Мария ещё утром заказала для нас экскурсию. От Цетинье до Липской пещеры ехать всего ничего. Минут десять и мы на месте. Есть время осмотреться и процитировать Арчи Гудвина – секретаря и помощника Ниро Вульфа:
 
«Впервые взглянув на Черногорию при дневном свете спустя восемь часов, когда я выкатился из ниши, я увидел много интересного. Где-то в десяти милях от места, где я находился, прямо по курсу виднелся острый пик, возвышающийся над другими. Очевидно, это и была гора Лофхен — Черная гора, — находившаяся на северо-западе; по солнцу так и выходило. На востоке простиралась широкая зеленая долина, за ней горы, уже на территории Албании».
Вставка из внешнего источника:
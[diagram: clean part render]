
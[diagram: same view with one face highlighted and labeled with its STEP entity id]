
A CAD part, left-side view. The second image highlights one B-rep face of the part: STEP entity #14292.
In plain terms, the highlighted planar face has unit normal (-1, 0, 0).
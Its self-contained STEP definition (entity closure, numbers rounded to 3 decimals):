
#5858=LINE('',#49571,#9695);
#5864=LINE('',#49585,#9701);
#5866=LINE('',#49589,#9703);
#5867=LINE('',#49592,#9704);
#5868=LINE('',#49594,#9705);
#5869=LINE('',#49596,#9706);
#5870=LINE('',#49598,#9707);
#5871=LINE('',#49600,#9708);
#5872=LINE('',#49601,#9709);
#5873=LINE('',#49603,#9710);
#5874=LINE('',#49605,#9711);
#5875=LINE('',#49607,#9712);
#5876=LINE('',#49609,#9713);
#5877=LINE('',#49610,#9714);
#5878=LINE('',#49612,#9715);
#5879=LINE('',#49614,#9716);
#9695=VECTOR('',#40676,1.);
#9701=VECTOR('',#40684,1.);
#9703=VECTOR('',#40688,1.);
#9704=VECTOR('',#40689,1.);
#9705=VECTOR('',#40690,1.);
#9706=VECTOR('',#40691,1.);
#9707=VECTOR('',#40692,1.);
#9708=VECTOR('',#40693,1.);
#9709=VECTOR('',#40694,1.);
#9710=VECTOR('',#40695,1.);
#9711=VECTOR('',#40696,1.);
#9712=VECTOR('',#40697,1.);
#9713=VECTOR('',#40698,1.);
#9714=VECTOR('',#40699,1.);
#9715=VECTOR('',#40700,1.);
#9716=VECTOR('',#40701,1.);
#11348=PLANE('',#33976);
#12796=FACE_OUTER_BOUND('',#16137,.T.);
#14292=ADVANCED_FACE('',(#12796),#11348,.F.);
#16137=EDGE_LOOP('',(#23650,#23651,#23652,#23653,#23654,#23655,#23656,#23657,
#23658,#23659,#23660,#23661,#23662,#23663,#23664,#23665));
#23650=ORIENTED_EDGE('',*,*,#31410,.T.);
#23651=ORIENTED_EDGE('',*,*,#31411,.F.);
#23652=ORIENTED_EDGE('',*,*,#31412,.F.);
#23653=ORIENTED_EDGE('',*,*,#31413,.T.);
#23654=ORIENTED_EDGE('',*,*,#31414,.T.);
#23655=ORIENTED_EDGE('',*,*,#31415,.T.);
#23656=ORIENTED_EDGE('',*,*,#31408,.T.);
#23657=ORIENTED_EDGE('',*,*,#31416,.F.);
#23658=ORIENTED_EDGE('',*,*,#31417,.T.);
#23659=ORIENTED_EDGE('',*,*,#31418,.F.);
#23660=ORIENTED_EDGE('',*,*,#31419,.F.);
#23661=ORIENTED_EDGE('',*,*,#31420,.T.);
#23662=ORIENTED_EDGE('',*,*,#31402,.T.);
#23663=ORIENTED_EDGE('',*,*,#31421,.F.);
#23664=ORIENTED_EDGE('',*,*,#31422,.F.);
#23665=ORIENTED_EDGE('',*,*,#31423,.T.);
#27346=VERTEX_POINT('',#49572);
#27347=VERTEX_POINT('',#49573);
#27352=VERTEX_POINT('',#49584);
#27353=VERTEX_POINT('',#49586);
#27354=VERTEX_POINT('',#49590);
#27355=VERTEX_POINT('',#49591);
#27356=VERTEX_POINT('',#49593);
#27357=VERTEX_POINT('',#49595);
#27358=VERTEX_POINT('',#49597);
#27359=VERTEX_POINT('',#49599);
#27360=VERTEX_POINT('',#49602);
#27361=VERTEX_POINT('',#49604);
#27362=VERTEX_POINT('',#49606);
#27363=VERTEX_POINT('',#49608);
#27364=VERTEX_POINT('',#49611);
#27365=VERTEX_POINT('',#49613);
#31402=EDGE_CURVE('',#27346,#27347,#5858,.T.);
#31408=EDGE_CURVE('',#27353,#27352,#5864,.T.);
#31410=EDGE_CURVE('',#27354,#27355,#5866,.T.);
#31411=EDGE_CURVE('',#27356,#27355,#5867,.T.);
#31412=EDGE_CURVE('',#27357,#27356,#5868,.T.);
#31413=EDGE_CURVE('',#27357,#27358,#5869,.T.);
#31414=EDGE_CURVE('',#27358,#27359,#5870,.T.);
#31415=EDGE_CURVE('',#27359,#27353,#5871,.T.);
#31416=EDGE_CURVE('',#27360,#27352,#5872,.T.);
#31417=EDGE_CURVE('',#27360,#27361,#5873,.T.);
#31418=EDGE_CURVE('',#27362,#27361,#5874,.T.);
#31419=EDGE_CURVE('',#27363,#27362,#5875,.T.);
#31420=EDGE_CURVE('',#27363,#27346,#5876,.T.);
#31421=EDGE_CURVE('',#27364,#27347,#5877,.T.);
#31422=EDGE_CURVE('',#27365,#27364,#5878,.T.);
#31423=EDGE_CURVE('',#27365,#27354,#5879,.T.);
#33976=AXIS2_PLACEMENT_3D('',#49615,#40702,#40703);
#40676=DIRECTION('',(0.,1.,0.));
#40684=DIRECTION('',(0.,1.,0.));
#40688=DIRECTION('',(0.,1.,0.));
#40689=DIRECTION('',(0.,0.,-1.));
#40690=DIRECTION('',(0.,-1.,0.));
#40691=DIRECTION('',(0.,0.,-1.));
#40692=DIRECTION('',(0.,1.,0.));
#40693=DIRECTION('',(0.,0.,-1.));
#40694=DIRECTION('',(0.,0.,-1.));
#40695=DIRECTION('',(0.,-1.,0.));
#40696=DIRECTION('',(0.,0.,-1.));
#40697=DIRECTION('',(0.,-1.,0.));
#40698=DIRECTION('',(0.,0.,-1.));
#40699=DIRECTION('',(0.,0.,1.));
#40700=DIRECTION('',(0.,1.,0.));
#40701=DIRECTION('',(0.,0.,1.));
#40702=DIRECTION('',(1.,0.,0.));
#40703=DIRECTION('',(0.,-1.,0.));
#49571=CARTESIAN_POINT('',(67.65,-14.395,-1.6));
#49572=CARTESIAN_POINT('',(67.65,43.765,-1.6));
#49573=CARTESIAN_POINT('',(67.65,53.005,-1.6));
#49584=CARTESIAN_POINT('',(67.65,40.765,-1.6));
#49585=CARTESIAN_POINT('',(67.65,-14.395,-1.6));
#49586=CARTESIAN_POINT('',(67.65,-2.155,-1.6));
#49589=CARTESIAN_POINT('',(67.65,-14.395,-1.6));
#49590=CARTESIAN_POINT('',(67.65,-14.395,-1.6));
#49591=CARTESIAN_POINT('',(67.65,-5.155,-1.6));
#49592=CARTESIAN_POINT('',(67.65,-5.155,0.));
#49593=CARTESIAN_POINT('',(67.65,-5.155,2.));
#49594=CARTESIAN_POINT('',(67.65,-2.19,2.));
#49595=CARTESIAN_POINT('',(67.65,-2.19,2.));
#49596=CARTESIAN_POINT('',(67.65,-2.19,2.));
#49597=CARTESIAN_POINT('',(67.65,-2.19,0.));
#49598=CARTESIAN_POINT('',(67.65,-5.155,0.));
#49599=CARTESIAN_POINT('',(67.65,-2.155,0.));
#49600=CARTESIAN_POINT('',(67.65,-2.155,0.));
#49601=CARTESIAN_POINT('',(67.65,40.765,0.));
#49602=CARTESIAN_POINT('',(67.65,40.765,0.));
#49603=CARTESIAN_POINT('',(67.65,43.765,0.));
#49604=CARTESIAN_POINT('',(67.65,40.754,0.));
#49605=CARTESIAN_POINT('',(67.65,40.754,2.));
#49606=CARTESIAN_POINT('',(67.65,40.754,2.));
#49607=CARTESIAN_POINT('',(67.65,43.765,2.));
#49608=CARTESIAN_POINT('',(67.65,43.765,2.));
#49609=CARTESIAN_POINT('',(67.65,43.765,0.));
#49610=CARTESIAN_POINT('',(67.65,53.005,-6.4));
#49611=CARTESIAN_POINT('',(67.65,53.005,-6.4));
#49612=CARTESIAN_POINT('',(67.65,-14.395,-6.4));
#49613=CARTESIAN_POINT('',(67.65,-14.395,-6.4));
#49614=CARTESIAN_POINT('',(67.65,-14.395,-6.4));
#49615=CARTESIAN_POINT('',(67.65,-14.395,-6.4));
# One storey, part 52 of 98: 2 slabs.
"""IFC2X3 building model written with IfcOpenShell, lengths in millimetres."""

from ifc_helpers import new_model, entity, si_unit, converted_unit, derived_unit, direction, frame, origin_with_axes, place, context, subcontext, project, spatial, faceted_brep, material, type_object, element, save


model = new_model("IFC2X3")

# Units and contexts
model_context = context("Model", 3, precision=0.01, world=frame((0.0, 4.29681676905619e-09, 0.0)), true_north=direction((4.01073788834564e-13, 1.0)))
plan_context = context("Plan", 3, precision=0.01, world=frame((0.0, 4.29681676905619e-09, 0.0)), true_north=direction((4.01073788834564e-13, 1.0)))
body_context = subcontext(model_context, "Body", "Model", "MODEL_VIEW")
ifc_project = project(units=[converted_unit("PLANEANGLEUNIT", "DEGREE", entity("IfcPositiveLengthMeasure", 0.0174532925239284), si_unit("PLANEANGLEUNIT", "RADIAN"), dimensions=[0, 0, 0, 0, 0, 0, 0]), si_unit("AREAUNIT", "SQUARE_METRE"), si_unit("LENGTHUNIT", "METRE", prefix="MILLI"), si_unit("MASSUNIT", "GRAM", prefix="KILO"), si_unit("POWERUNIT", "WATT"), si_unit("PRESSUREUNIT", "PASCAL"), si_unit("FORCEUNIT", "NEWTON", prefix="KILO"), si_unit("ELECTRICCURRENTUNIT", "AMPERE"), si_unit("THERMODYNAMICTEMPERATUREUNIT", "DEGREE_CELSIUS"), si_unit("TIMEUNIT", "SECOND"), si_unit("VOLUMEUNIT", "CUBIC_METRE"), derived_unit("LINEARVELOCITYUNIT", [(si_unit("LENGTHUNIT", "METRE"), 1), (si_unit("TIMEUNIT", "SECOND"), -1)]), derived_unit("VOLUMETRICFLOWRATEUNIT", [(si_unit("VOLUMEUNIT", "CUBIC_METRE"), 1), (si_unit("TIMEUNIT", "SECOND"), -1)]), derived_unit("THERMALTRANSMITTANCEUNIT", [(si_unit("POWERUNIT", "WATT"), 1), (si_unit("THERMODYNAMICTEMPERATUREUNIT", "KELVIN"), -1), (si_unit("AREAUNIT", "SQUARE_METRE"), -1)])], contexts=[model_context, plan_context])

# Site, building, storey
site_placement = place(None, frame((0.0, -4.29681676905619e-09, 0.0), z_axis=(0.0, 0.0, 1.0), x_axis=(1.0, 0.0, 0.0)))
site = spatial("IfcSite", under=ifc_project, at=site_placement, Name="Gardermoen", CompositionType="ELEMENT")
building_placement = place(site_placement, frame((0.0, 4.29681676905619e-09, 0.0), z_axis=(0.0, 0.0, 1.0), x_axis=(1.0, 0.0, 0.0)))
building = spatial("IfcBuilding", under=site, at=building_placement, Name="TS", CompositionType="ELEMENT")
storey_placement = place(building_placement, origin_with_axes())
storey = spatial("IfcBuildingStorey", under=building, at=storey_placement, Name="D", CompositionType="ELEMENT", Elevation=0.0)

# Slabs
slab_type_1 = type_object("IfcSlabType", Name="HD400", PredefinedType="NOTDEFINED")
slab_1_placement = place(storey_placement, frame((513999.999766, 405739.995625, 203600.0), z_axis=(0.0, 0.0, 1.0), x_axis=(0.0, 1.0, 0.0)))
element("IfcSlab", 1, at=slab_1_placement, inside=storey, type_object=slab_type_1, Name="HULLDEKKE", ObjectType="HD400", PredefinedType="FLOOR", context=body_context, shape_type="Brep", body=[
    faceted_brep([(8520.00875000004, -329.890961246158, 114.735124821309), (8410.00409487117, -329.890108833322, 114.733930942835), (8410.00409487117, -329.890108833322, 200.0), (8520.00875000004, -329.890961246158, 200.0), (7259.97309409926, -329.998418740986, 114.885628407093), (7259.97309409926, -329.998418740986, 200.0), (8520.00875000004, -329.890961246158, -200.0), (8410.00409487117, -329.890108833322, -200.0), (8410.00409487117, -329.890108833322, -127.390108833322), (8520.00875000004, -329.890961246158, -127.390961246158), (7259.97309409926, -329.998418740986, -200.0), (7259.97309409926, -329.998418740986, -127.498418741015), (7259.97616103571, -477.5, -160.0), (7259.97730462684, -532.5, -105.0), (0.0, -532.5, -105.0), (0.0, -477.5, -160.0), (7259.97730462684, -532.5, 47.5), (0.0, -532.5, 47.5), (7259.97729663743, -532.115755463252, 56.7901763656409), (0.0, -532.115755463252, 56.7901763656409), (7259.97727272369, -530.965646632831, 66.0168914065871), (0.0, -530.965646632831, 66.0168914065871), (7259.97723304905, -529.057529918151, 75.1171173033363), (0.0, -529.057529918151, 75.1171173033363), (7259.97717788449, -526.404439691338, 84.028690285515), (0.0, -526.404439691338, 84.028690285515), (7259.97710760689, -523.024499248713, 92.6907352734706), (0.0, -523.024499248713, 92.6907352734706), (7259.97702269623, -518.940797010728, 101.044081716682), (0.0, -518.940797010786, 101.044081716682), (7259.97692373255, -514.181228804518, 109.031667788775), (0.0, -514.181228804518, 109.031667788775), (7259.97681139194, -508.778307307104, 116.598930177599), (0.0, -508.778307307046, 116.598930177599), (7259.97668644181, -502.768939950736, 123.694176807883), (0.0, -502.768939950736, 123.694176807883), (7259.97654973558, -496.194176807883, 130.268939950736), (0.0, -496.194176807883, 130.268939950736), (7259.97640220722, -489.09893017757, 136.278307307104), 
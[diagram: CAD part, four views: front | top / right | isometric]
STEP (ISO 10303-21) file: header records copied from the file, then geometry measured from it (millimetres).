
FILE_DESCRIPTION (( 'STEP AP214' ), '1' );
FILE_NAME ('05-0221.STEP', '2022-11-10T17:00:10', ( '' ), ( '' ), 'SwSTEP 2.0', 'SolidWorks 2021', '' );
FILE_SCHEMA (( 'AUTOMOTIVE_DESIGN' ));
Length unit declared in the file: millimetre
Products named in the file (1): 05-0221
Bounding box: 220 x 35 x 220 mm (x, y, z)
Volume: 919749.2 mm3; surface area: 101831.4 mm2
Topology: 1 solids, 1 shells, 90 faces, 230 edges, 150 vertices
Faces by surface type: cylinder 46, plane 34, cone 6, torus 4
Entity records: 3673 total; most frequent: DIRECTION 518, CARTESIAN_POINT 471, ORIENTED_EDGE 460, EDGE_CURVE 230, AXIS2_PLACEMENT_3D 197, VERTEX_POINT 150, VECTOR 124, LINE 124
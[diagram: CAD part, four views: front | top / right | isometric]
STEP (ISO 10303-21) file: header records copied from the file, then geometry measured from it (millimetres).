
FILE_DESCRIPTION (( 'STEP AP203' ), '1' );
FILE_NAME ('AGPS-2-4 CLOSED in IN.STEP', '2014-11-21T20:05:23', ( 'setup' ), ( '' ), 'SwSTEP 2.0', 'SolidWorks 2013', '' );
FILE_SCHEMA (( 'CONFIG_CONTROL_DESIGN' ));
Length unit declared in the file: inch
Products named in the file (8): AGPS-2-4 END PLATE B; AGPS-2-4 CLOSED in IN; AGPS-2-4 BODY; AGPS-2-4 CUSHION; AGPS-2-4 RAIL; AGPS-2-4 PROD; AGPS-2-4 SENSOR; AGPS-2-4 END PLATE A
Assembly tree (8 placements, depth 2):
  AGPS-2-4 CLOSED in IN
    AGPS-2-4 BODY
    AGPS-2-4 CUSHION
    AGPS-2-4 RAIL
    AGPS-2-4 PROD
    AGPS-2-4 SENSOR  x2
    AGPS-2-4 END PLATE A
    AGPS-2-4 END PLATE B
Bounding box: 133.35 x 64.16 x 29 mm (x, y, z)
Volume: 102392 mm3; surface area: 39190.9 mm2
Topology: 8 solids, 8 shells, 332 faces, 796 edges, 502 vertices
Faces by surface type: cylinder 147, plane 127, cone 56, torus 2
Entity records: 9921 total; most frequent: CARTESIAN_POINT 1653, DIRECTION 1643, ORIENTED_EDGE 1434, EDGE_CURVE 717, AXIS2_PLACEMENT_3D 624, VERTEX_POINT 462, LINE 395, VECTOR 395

 Не считая кафе, террасы и туалетов, нам открылось то же самое. А чтобы мы не ринулись вслед за Гудвином искать выступ в виде петушиного хвоста, нас посадили в поезд на резиновом ходу и повезли к пещере. У входа в недра утеплились тем, что каждый припас для +12 градусов, и спустились вниз. На сегодняшний день обследовано более трех с половиной километров пещеры. Для туристов оборудованы 400 метров. Выложены дорожки, поставлены ограждения, удалено всё, что может нечаянно свалиться на голову, сталактиты и сталагмиты подсвечены так, что каждый посетитель может оценить объекты сообразно степени своей испорченности. Прикасаться ни к чему нельзя, чтобы не смахнуть с камней труды десятилетий. В принципе, всё, как в любой другой пещере, за исключением водопада, действующего во время дождя. А нам с дождём как раз-таки повезло. И вот, стоим мы, замерев от удивления, смотрим, как по камням струится вода, и вдруг в пещере гаснет свет. Преисподняя в чистом виде. Другие бы, конечно, запаниковали и попадали в обморок, но только не прибалты. Сопровождающая  попросила  нас без подушек не двигаться, и в пещере снова стало светло.

Свой почти героизм мы отметили позже в ресторане национальным блюдом – ягнятиной из-под сача. Сач – это металлический купол, под которым в чугунном казане на углях томится приправленное травами мясо молодого барашка.
Вегетарианцев тоже не оставили голодными.